The typical DMA write path (device → GuestMemory): the device I/O thread fills a local data buffer from host-side I/O (e.g., disk read), calls DMACoherencyManager to prepare the transfer (RX path: DeviceToRAM), writes data into GuestMemory via writeBlock() with AccessKind::DMAWrite, and signals coherency completion. The typical DMA read path (GuestMemory → device) follows the TX path: DMACoherencyManager flushes CPU caches for the region (RAMToDevice), reads data from GuestMemory, and delivers it to the host-side I/O path.
DMACoherencyManager (mmio_DMACoherencyManager.h, ~579 lines) ensures that DMA transfers observe correct memory ordering with respect to CPU operations. It manages three coherency concerns:
TX path (RAMToDevice): Before a device reads from GuestMemory (e.g., to fetch DMA descriptors or transmit buffer data), DMACoherencyManager ensures that all prior CPU writes to the affected memory region are visible. In a real Alpha system, this would involve cache flush operations; in EMulatR, it involves draining the affected CPU's write buffer entries that overlap the DMA region.
RX path (DeviceToRAM): After a device writes to GuestMemory (e.g., depositing received network packets or disk read data), DMACoherencyManager ensures that subsequent CPU reads from the affected region see the device-written data, not stale cached values. This involves invalidating any overlapping write buffer entries and, in SMP configurations, coordinating across multiple CPUs.
LL/SC reservation invalidation: DMA writes to memory regions that overlap with an active LL/SC reservation must break the reservation. DMACoherencyManager calls ReservationManager::breakReservationsOnCacheLine() for each 64-byte cache line touched by a DMA write. This prevents a STx_C from succeeding after a device has modified the memory it was protecting.

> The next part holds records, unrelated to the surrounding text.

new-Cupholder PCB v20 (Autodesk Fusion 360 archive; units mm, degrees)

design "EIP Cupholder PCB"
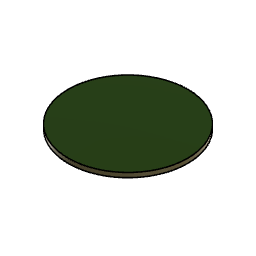
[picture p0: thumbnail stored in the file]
derived_context "DerivedContext1"
sketch "Outline" plane through (0, 0, 0) normal (0, 0, 1) x axis (1, 0, 0)
step sketch "pcb-sketch"
canvas "Canvas1" bodies "Board"
canvas "Canvas2" bodies "Board"
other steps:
pcbextrude "PCBExtrude"
pcbextrude "PCBExtrude1"
derived_base_feature "pcb-sketch"
derived_base_feature "Base Feature"
box_primitive "BoxPrimitive1" DistanceX 8 DistanceY 3.81 DistanceZ 0.1 OffsetDistanceX 0 OffsetDistanceY 0
base_feature "Base Feature"
box_primitive "BoxPrimitive1" DistanceX 20 DistanceY 17.95 DistanceZ 1 OffsetDistanceX 0 OffsetDistanceY 0
pcbextrude "PCBExtrude1"
pcbextrude "PCBExtrude1"
extrude "Extrude1" sketch "pcb-sketch" blind 1.5 bodies "Board"
pcbextrude "PCBExtrude1"
pcbextrude "PCBExtrude"
create_component "CreateComponent1"
create_component "CreateComponent2"
create_component "CreateComponent3"
create_component "CreateComponent4"
create_component "CreateComponent5"
create_component "CreateComponent6"
create_component "CreateComponent3"
as_built_joint "As-built1"
create_component "CreateComponent5"
create_component "CreateComponent6"
step "CreateComponent"
named bodies: "Board"

DMA addresses are physical addresses within the GuestMemory space. DMABufferDescriptor tracks each allocated DMA buffer with its physical address, size, owning device UID, and address mask. The address mask distinguishes 32-bit DMA devices (which can only address the lower 4 GB of physical memory) from 64-bit DMA devices (which can address the full physical address space). The dmaMask field in DeviceTemplate specifies the device's DMA addressing capability.
Invariant: All DMA transfers route through GuestMemory with explicit AccessKind designation. No device may access SafeMemory directly. DMA completion does not imply memory ordering unless enforced by a subsequent interrupt and barrier.